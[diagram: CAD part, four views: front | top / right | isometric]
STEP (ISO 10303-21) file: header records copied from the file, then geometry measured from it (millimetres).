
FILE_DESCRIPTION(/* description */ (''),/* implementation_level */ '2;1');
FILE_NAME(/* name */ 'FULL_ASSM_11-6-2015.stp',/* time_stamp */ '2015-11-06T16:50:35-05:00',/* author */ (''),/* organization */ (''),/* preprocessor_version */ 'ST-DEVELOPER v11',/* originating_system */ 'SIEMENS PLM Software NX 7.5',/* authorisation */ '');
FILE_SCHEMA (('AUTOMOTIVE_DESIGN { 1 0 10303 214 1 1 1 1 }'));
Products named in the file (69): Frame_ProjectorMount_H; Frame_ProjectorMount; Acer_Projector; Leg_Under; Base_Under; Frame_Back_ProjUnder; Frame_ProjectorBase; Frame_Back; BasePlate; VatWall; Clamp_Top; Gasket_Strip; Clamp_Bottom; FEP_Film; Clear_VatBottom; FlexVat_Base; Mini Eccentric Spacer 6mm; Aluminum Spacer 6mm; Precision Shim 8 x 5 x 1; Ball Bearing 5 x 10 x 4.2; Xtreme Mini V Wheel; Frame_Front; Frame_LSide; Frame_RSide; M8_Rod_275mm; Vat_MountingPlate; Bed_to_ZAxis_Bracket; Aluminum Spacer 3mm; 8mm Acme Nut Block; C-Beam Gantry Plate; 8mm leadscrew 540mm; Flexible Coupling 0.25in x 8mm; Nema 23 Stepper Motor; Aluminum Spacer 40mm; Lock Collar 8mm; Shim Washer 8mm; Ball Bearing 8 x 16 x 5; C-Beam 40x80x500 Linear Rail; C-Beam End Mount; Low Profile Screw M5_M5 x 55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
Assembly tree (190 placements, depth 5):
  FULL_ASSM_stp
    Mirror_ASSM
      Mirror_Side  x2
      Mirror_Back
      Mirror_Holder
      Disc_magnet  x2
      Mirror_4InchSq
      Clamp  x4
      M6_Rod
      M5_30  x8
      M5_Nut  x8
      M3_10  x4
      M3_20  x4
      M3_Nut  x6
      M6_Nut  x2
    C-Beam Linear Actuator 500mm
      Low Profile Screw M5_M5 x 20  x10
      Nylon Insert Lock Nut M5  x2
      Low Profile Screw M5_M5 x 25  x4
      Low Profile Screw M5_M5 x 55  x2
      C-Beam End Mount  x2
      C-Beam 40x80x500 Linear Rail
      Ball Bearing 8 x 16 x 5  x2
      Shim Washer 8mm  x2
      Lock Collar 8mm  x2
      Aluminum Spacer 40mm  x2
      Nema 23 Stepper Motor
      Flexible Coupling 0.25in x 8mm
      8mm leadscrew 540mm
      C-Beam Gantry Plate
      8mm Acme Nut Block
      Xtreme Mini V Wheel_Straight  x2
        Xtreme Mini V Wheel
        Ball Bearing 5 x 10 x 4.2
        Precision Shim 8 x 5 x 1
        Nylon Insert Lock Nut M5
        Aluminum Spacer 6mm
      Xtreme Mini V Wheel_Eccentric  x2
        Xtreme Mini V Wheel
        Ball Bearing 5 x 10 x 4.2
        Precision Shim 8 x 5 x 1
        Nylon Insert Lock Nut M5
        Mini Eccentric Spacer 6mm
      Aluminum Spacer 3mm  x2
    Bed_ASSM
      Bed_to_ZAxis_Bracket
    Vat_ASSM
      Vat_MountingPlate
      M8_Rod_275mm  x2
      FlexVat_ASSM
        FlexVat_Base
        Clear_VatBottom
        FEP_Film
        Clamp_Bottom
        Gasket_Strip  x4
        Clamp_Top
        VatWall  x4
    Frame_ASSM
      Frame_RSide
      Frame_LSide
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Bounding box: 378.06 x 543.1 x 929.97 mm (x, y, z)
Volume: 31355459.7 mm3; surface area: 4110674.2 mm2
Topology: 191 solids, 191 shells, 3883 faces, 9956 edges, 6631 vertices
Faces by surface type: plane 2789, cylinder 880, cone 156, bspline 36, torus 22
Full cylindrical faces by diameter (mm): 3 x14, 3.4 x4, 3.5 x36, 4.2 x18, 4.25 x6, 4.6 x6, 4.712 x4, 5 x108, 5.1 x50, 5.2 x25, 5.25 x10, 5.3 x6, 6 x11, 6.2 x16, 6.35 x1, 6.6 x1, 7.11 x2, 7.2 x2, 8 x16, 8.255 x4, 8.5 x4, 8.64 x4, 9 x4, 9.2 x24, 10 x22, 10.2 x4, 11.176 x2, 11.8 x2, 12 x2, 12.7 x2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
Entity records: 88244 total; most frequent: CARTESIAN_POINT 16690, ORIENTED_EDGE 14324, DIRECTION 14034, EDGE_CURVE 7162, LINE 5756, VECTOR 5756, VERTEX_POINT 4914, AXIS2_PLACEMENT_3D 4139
==============================
Task details
Each line from the one that holds "Full cylindrical faces" to the end of the records above should be transcribed exactly, both ends included.

Task result
Full cylindrical faces by diameter (mm): 3 x14, 3.4 x4, 3.5 x36, 4.2 x18, 4.25 x6, 4.6 x6, 4.712 x4, 5 x108, 5.1 x50, 5.2 x25, 5.25 x10, 5.3 x6, 6 x11, 6.2 x16, 6.35 x1, 6.6 x1, 7.11 x2, 7.2 x2, 8 x16, 8.255 x4, 8.5 x4, 8.64 x4, 9 x4, 9.2 x24, 10 x22, 10.2 x4, 11.176 x2, 11.8 x2, 12 x2, 12.7 x2
Entity records: 88244 total; most frequent: CARTESIAN_POINT 16690, ORIENTED_EDGE 14324, DIRECTION 14034, EDGE_CURVE 7162, LINE 5756, VECTOR 5756, VERTEX_POINT 4914, AXIS2_PLACEMENT_3D 4139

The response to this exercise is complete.